▶ [WHAT IS NEEDED] Leaving out all pictures, return the records word for word.

TASK MATERIAL START

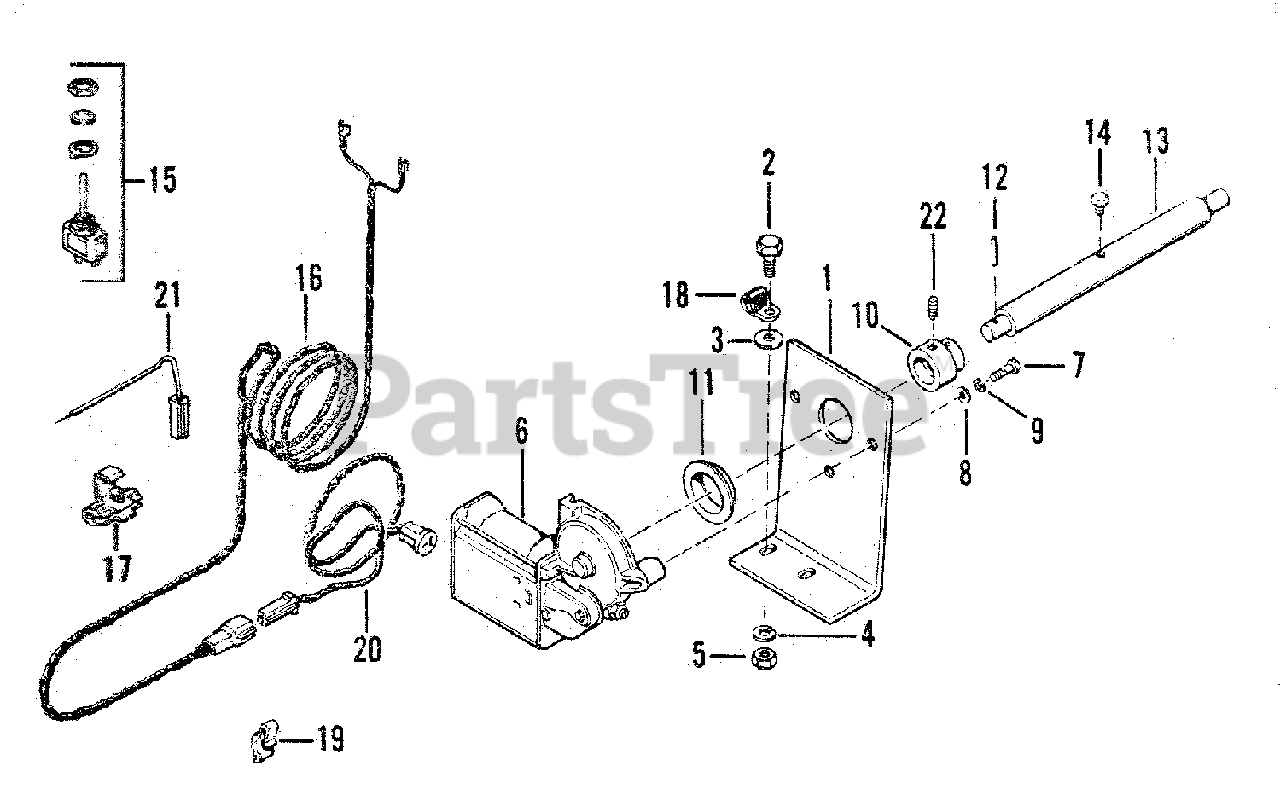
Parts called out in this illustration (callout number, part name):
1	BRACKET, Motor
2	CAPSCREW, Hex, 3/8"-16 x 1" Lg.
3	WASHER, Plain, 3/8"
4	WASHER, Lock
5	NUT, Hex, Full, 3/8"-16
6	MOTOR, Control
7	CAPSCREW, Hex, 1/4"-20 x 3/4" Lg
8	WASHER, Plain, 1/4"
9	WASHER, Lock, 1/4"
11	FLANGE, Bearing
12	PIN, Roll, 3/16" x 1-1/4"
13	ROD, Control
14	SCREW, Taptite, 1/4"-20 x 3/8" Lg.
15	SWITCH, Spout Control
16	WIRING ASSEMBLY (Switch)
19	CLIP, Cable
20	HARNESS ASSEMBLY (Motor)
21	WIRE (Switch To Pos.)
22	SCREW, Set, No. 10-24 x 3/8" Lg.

TASK MATERIAL END

▶ [TASK OUTPUT]
Parts called out in this illustration (callout number, part name):
1	BRACKET, Motor
2	CAPSCREW, Hex, 3/8"-16 x 1" Lg.
3	WASHER, Plain, 3/8"
4	WASHER, Lock
5	NUT, Hex, Full, 3/8"-16
6	MOTOR, Control
7	CAPSCREW, Hex, 1/4"-20 x 3/4" Lg
8	WASHER, Plain, 1/4"
9	WASHER, Lock, 1/4"
11	FLANGE, Bearing
12	PIN, Roll, 3/16" x 1-1/4"
13	ROD, Control
14	SCREW, Taptite, 1/4"-20 x 3/8" Lg.
15	SWITCH, Spout Control
16	WIRING ASSEMBLY (Switch)
19	CLIP, Cable
20	HARNESS ASSEMBLY (Motor)
21	WIRE (Switch To Pos.)
22	SCREW, Set, No. 10-24 x 3/8" Lg.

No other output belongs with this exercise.